# my babies



## nici (Nov 10, 2007)

not so much babies but are in my eyes  chaya and drax they are northern inuits


----------



## plumo72 (Nov 2, 2007)

Stunning dogs


----------



## Guest (Nov 10, 2007)

Lovely dogs nici


----------



## nici (Nov 10, 2007)

here is my girl with her litter she had last year all looking the same










and here she is with her grown up daugter blue










and some babies on ther exploration for food and just some put together.
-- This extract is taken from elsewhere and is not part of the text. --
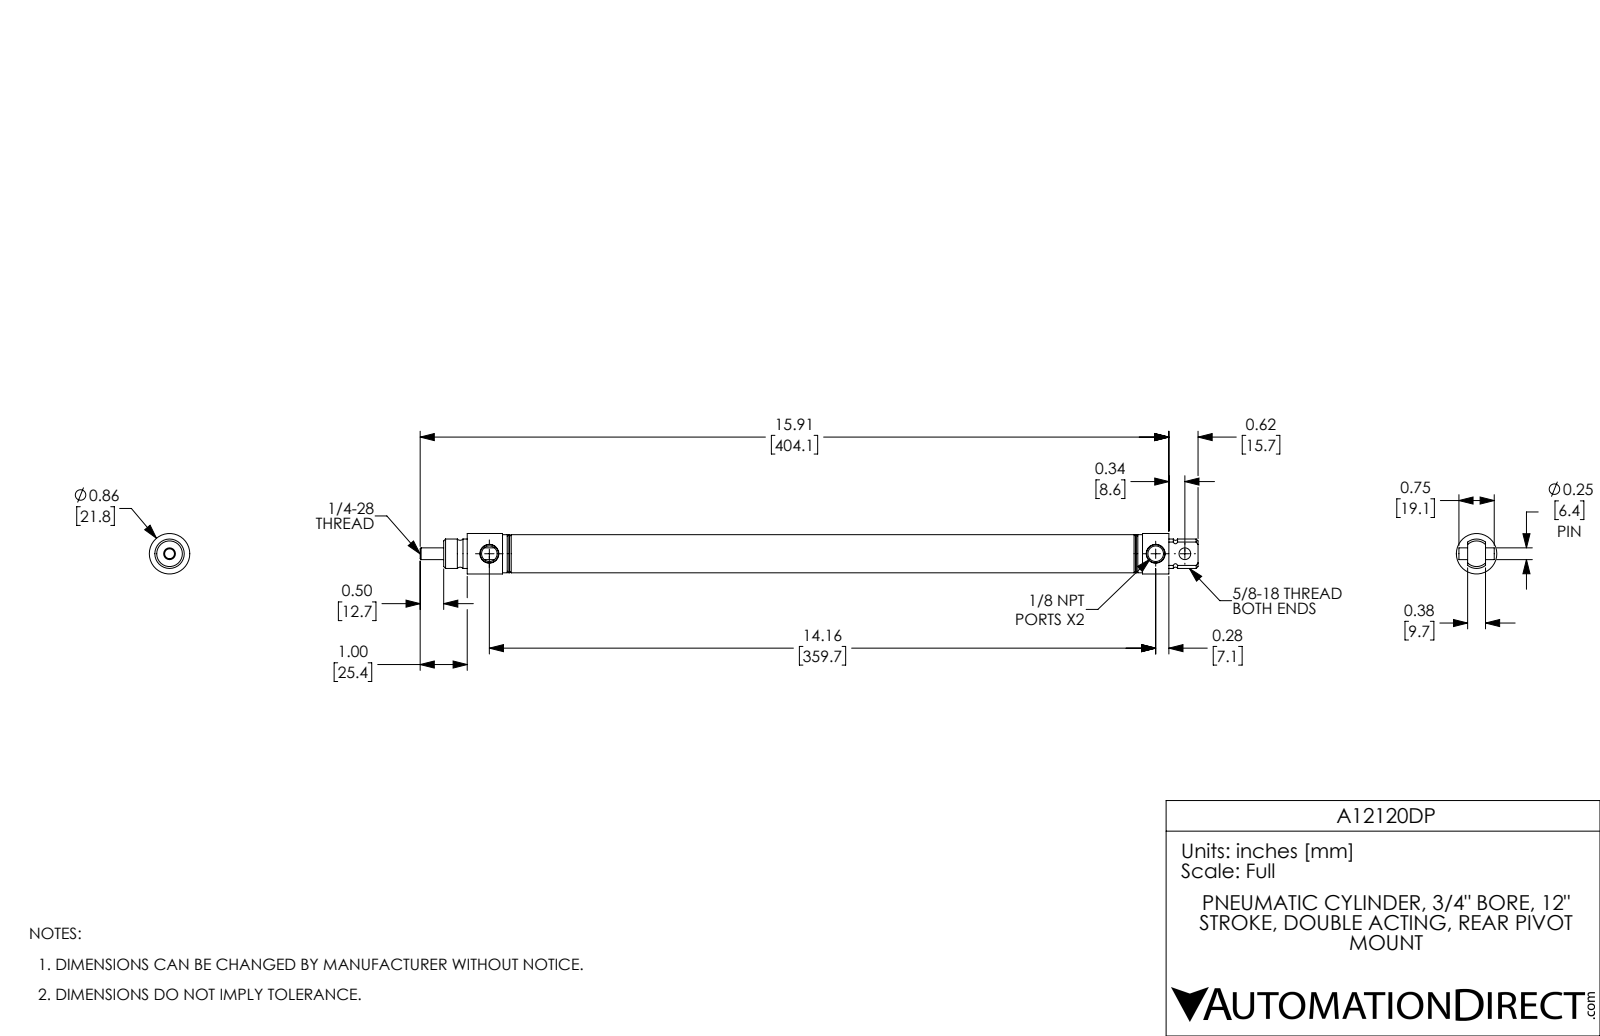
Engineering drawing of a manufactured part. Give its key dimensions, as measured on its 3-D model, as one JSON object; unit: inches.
{"part_name": "A12120DP-MainBody; A12120DP-Rod; A12120DP-PIN; A12120DP", "step_written_by": "SolidWorks 2017 (AUTOMOTIVE_DESIGN)", "units": "inches", "bodies": {"solids": 3, "faces": 91, "planar": 21, "cylindrical": 38, "other": 32}, "overall_size": [16.53, 0.86, 0.86], "volume_in3": 3.287, "surface_area_in2": 88.33, "round_holes": [[0.25, 2], [0.332, 2], [0.75, 1]], "round_bosses_or_shafts": [[0.86, 1], [0.81, 1], [0.625, 1]], "face_to_face_distances": [0.5, 13.705, 12.5, 12, 1.205, 1.705, 13.705, 14.91, 13.205, 1.205], "hole_center_spacings": [0.62, 14.16, 14.78]}

she was due to have pups 5 weeks ago but she got very sick and we lost all pups and she had to have everything taken away but she is still her yippee


----------



## Guest (Nov 11, 2007)

They're fantastic pic's...

sorry to hear you lost the pups, at least your dog is now healthy though


----------



## nici (Nov 10, 2007)

ahh thanks


----------



## Guest (Nov 11, 2007)

They are all gorgeous. So sorry to hear about the loss of your litter.


----------



## Debbie (Nov 10, 2007)

Nice looking dogs - sorry about the loss of litter at least she is healthy and fit now.


----------



## nici (Nov 10, 2007)

thanks everyone


----------



## Louka (Nov 17, 2007)

Awesome pics. Sorry about your loss.


----------



## Vixie (Nov 17, 2007)

You have gorgeous dog glad to hear your beloved pet is in good health after your tragic loss.


----------



## Guest (Nov 18, 2007)

Amazing pics!


----------



## nici (Nov 10, 2007)

thanks ....chaya is busy playing mummy now we have little timmi


----------